5. The labels in all figures must be improved. Increase font size 

1. Sentence structure and clarity: The sentences in the work are often long and contain multiple ideas, which can make the text difficult to follow. Some sentences lack clarity and conciseness, making it challenging to grasp the intended meaning immediately.

2. Lack of transition and coherence: The work lacks explicit transitional phrases or words to connect ideas and create a coherent flow. This leads to a disjointed presentation of information and makes it harder for readers to understand the relationships between different sections.

3. Use of technical jargon and terminology: The work frequently uses technical terms and concepts without providing sufficient explanations or definitions. This can be problematic for readers who are not familiar with the subject matter, hindering their understanding of the content.

Author Response

1.Thank you very much for some suggestions for improvement of our work. Noise is indeed a challenging technical problem in the application of underwater laser signals. Although the 532 nm laser used in the data in this paper has strong penetration in water, it is also easy to be affected by noise. In this paper, the noise is simply processed by simple S-G filter and five-point three-line method. Good experimental results can be obtained in clear ponds with weak noise influence. Due to the limitation of experimental data, this paper does not take into account the strong noise influence, which is also the deficiency of our experiment. We write this problem into the discussion and discuss it, which is located on line 467 on page 18 of the article. We take it as our next step, which is located in line 491 on page 19 of the article, and increase the diversity of data detection in the follow-up work to further verify the method in this paper.

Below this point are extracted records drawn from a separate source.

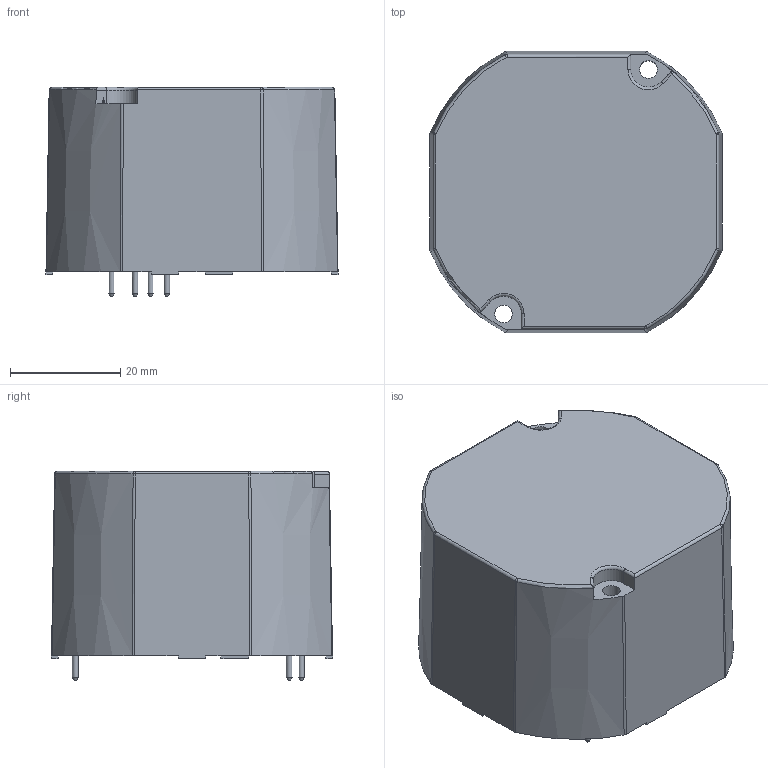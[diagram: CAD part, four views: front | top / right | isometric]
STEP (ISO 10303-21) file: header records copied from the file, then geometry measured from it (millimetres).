
FILE_DESCRIPTION(/* description */ ('Unknown'),/* implementation_level */ '2;1');
FILE_NAME(/* name */ 'TMW_36-P',/* time_stamp */ '2021-07-12T12:45:27+01:00',/* author */ ('Unknown'),/* organization */ ('Unknown'),/* preprocessor_version */ 'ST-DEVELOPER v16.7',/* originating_system */ 'Solid Edge',/* authorisation */ 'Unknown');
FILE_SCHEMA (('AUTOMOTIVE_DESIGN {1 0 10303 214 3 1 1}'));
Length unit declared in the file: millimetre
Products named in the file (1): TMW_36-P
Bounding box: 53.02 x 51.02 x 38 mm (x, y, z)
Volume: 13169.4 mm3; surface area: 24193.6 mm2
Topology: 1 solids, 1 shells, 201 faces, 523 edges, 343 vertices
Faces by surface type: plane 102, cylinder 46, cone 29, bspline 18, torus 6
Full cylindrical faces by diameter (mm): 0.635 x4, 1.016 x12, 1.778 x4, 1.899 x2, 1.9 x2, 3.2 x2
Entity records: 7481 total; most frequent: CARTESIAN_POINT 1455, ORIENTED_EDGE 934, DIRECTION 903, EDGE_CURVE 467, AXIS2_PLACEMENT_3D 338, VERTEX_POINT 328, FACE_BOUND 271, EDGE_LOOP 267

2.Thank you very much for your valuable comments on us. Different sensors do have an impact on data collection. In this paper, 532 nm laser is used to detect the underwater environment mainly based on line 51 of page 2. Li found that 532 nm laser has strong penetrability to underwater laser, so other sensors are not considered to collect data for comparison. We will take this problem as the next step. The specific location is line 494 of page 19, which will be studied in the follow-up work.

3.The operation speed of the  algorithm is indeed an important aspect that needs to be considered in the waveform calculation problem. We also tested the algorithm for this problem. The algorithm running environment is : Intel Core i3-8350K @ 4.00GHz quad-core processor, 32GB ( Kingston DDR4 3200MHZ 32GB ), NVIDIA Quadro P1000 graphics card, ASUS PRIME-Z370-A ( Z370 chipset ) motherboard, in the calculation of running memory for the middle level. In this paper, the time of a waveform operation in the computer is 0.000156 seconds. We also explain this part of the content in the discussion. The specific location is the 455th line of the 18th page of the article.

4.Thank you very much for your suggestions on the future application of our method. The algorithm detection for different hydrological environments is the research direction of our research group 's follow-up plan. We also plan to test in different water areas near the coast to further verify the method of this paper. As our next step, the specific location is located on page 19, line 497. In the follow-up work, the water areas with different hydrological characteristics are tested to further verify the method of this paper.

5.We have improved the problem of image label fonts in the image, re-acquired the experimental data and replaced the image.

6.We are very sorry for the trouble caused by the English problems in this article. We also recheck and revise the sentences in the article. In the sentence structure, we also replace long sentences with multiple short sentences for understanding. In terms of transitional coherence, we will also recheck the article and strive to enhance the coherence and readability of the article. In the problem of too many technical terms, we also explain some of the concepts and terms mentioned in the abbreviation explanation at the end of the article. In the subsequent publication of the paper, we will also invite professional English polishers to correct the grammatical problems of the article.